Overstroomd geheugen

Dit is het Museumplein, maar dan gezonken. De culturele kern van Nederland — waar we normaal lopen tussen Van Gogh, het Concertgebouw en het Rijks — ligt nu onder een dunne laag water. Alsof het geheugen van het land is overstroomd.
De mensen zijn verspreid over vlotten, hun lichamen omsloten door dekens, gezichten naar elkaar gekeerd, maar ook naar binnen. Ze dragen doorzichtige paraplu’s — het symbool van bescherming tegen iets dat allang is doorgesijpeld. Geen storm, geen regen, alleen een verstilling die te zwaar is om luchtig te zijn.

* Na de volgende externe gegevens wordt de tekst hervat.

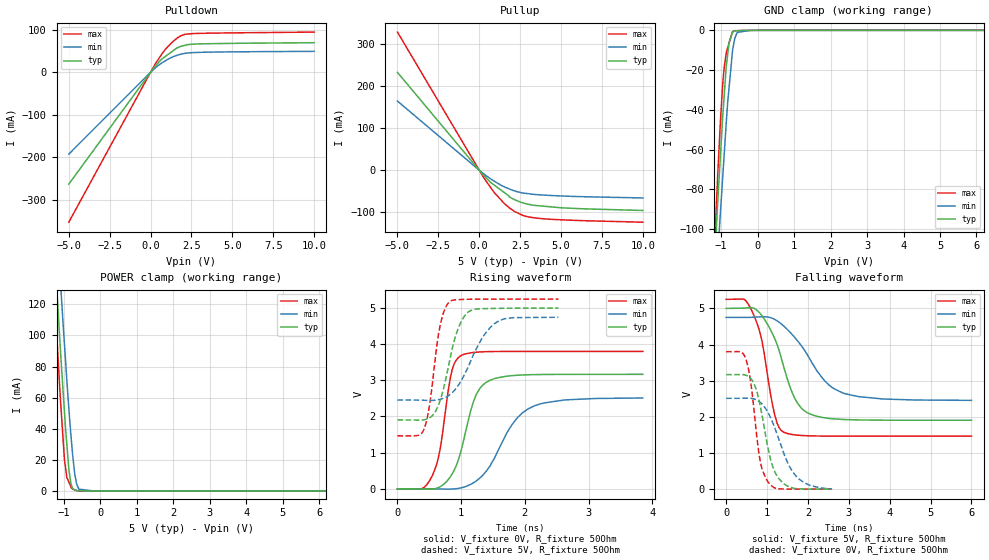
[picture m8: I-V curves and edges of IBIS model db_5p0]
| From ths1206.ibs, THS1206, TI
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|   db_5p0 Model
[Model]   db_5p0
Model_type   I/O
Polarity   Non-Inverting
Enable   Active-High
Vinl = 0.6
Vinh = 2.6
Vmeas = 2.5
Vref = 2.5
Cref = 30pF
Rref = 50
|   typ   min   max
|   (nom PVT)   (fast PVT)   (slow PVT)
C_comp   1.747e-12   1.743e-12   1.778e-12
|ON state : BUFFER OUTPUT TURNED HIGH
|C_comp   1.893e-12   1.893e-12   1.946e-12
|OFF state: BUFFER IN HIGH IMPEDANCE
|C_comp   1.601e-12   1.593e-12   1.609e-12
| Where nom  PVT is Nominal Process, 5V, 43C
|   Fast PVT is Strong Process,  5.25V, -55C
|   Slow PVT is Weak Process,   4.75V, 145C
[Voltage Range]   5   4.75   5.25
|Ambient Temperature   25   125   -55
|Junction Temperature
[Temperature Range]   43   145   -55
[Pullup Reference]   5   4.75   5.25
[Pulldown Reference]   0   0   0
[Power Clamp Reference]   5   4.75   5.25
[GND Clamp Reference]   0   0   0
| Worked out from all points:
|   slope of the pulldown table from 0 to 0.75 V, typ, clamps not added: 22.8 ohm
|   slope of the pullup table from 0 to 0.75 V, typ, clamps not added: 24.5 ohm
|   GND clamp passes 1 mA (typ) near -0.69 V on its own axis
|   POWER clamp passes 1 mA (typ) near -0.73 V on its own axis
|   falling waveform, V_fixture 5V, R_fixture 50Ohm: 20-80 % time 576ps typ, 880ps min, 372ps max; typ from 5 V to 1.91 V
|   rising waveform, V_fixture 0V, R_fixture 50Ohm: 20-80 % time 299ps typ, 509ps min, 200ps max; typ from 0 V to 3.17 V
|   rising waveform, V_fixture 5V, R_fixture 50Ohm: 20-80 % time 258ps typ, 401ps min, 172ps max; typ from 1.91 V to 5 V
|   falling waveform, V_fixture 0V, R_fixture 50Ohm: 20-80 % time 348ps typ, 542ps min, 247ps max; typ from 3.17 V to 0.001 V
[Pulldown]
|   Voltage   I(typ)   I(min)   I(max)
-5V       -263mA     -192.4mA   -352.4mA
283.5mV   14.1mA     10.08mA    19.52mA
700mV     31.51mA    22.11mA    43.39mA
924mV     37.8mA     27.28mA    54.61mA
1.286V    47.97mA    34.89mA    69.5mA
1.596V    56.66mA    39.65mA    79.62mA
1.827V    60.63mA    42.29mA    85.41mA
2.111V    63.43mA    44.54mA    89.26mA
2.594V    66.03mA    46.21mA    90.97mA
10V       69.5mA     49.19mA    94.44mA
[GND Clamp]
|   Voltage   I(typ)   I(min)   I(max)
-5V       -1.73A     -1.633A    -1.893A
-1.306V   -160.8mA   -182.5mA   -159.5mA
-1.092V   -85.92mA   -113.5mA   -72.03mA
-1.08V    -81.82mA   -109.8mA   -67.59mA
-1.031V   -66.39mA   -94.75mA   -49.77mA
-913.5mV  -32.08mA   -61.59mA   -18.22mA
-855mV    -17.29mA   -45.04mA   -10.86mA
-780mV    -5.877mA   -28.28mA   -6.223mA
-640.5mV  -377uA     -5.37mA    -190.7uA
-560.5mV  -239.7uA   -1.052mA   -166.9uA
-190mV    0A         -96.36nA   -56.58uA
10V       0A         0A         0A
[Pullup]
|   Voltage   I(typ)   I(min)   I(max)
-5V       232.7mA    164.4mA    328.5mA
294mV     -12.97mA   -9.238mA   -18.95mA
700mV     -29.21mA   -20.74mA   -41.41mA
924mV     -35.65mA   -26.23mA   -53.46mA
1.507V    -52.42mA   -39.06mA   -78.24mA
1.822V    -61.48mA   -44.32mA   -88.88mA
1.833V    -63.34mA   -44.5mA    -89.18mA
2.14V     -69.74mA   -49.03mA   -97.68mA
2.678V    -77.87mA   -54.31mA   -107.9mA
3.365V    -83.58mA   -57.64mA   -113.3mA
5.405V    -90.19mA   -61.86mA   -118.6mA
10V       -95.75mA   -66.04mA   -123.7mA
[POWER Clamp]
|   Voltage   I(typ)   I(min)   I(max)
-5V       1.847A     1.834A     1.872A
-1.306V   174.9mA    216.9mA    147.2mA
-1.103V   94.46mA    138.3mA    62.29mA
-1.08V    85.66mA    129.8mA    54.37mA
-981.8mV  50.45mA    93.94mA    20.18mA
-918.7mV  30.35mA    71.69mA    8.72mA
-860mV    13.62mA    52.29mA    5.584mA
-805mV    4.702mA    35.81mA    2.648mA
-698.3mV  670.3uA    10.7mA     592.5uA
-589mV    110.3uA    1.142mA    119uA
-190mV    0A         26.4nA     2.328uA
10V       0A         0A         0A
[Ramp]
R_load = 50
|   typ   min   max
dV/dt_r   1.90032/2.98059e-10   1.50742/5.05845e-10   2.28107/1.99197e-10
dV/dt_f   1.85642/5.76124e-10   1.37608/8.78103e-10   2.27014/3.70788e-10
[Falling Waveform]
V_fixture = 5V
V_fixture_min = 4.75V
V_fixture_max = 5.25V
R_fixture = 50Ohm
|   Time   V(typ)   V(min)   V(max)
0s        5V         4.75V      5.25V
436ps     5.006V     4.749V     5.258V
674ps     5.005V     4.756V     4.82V
874ps     4.8V       4.768V     4.114V
1.192ns   4.155V     4.693V     2.041V
1.4ns     3.418V     4.521V     1.583V
1.848ns   2.233V     3.955V     1.485V
2.388ns   1.977V     3.024V     1.469V
2.85ns    1.928V     2.661V     1.467V
6ns       1.906V     2.457V     1.466V
[Rising Waveform]
V_fixture = 0V
V_fixture_min = 0V
V_fixture_max = 0V
R_fixture = 50Ohm
|   Time   V(typ)   V(min)   V(max)
0s        1.91nV     4.517nV    1.571nV
546ps     -9.673mV   -2.061mV   361.1mV
664ps     51.14mV    -5.568mV   1.048V
856ps     402.8mV    -7.524mV   3.273V
986ps     972.6mV    20.35mV    3.671V
1.232ns   2.587V     210.5mV    3.778V
1.452ns   3.001V     628.9mV    3.796V
1.8ns     3.131V     1.777V     3.801V
2.16ns    3.159V     2.301V     3.801V
3.852ns   3.167V     2.512V     3.802V
[Rising Waveform]
V_fixture = 5V
V_fixture_min = 4.75V
V_fixture_max = 5.25V
R_fixture = 50Ohm
|   Time   V(typ)   V(min)   V(max)
0s        1.906V     2.455V     1.466V
418ps     1.909V     2.449V     1.652V
510ps     1.969V     2.445V     2.389V
672ps     2.456V     2.476V     4.536V
830ps     3.635V     2.613V     5.19V
954ps     4.441V     2.859V     5.235V
1.098ns   4.873V     3.325V     5.244V
1.318ns   4.982V     4.136V     5.248V
1.524ns   4.991V     4.571V     5.249V
2.528ns   5V         4.746V     5.25V
[Falling Waveform]
V_fixture = 0V
V_fixture_min = 0V
V_fixture_max = 0V
R_fixture = 50Ohm
|   Time   V(typ)   V(min)   V(max)
0s        3.167V     2.513V     3.802V
362ps     3.17V      2.514V     3.791V
488ps     3.15V      2.516V     3.578V
604ps     3.058V     2.512V     2.937V
808ps     2.441V     2.424V     944.6mV
904ps     1.884V     2.322V     476.5mV
1.03ns    1.105V     2.107V     194.3mV
1.274ns   314.5mV    1.43V      10.18mV
1.684ns   19.33mV    395.6mV    1.376mV
2.59ns    837.9uV    6.35mV     207.7uV

Het is alsof we kijken naar een collectieve wake. Geen paniek, geen protest, maar een trage aanvaarding. Alsof cultuur zelf tot drijfhout is geworden: drijvend, maar niet meer geworteld. Wat betekent het om een natie te zijn als je fundamenten opgeven? Als je erfgoed letterlijk niet meer op vaste grond staat?
Op de achtergrond spookt de contour van het Rijksmuseum, vaag en ver weg — niet langer een baken, maar een herinnering. Is het verleden nog houvast, of juist ballast?
Toch is er iets intiems in deze verstilling. De onderlinge nabijheid, de gedeelde kwetsbaarheid, het stilzwijgende weten: we zitten in hetzelfde water. Misschien is dat wat resteert wanneer alles verzonken is — een gedeeld vlot van verhalen, gezichten, wachten.
Wat zou jij meenemen als het plein weer droogvalt? Of wil je blijven drijven?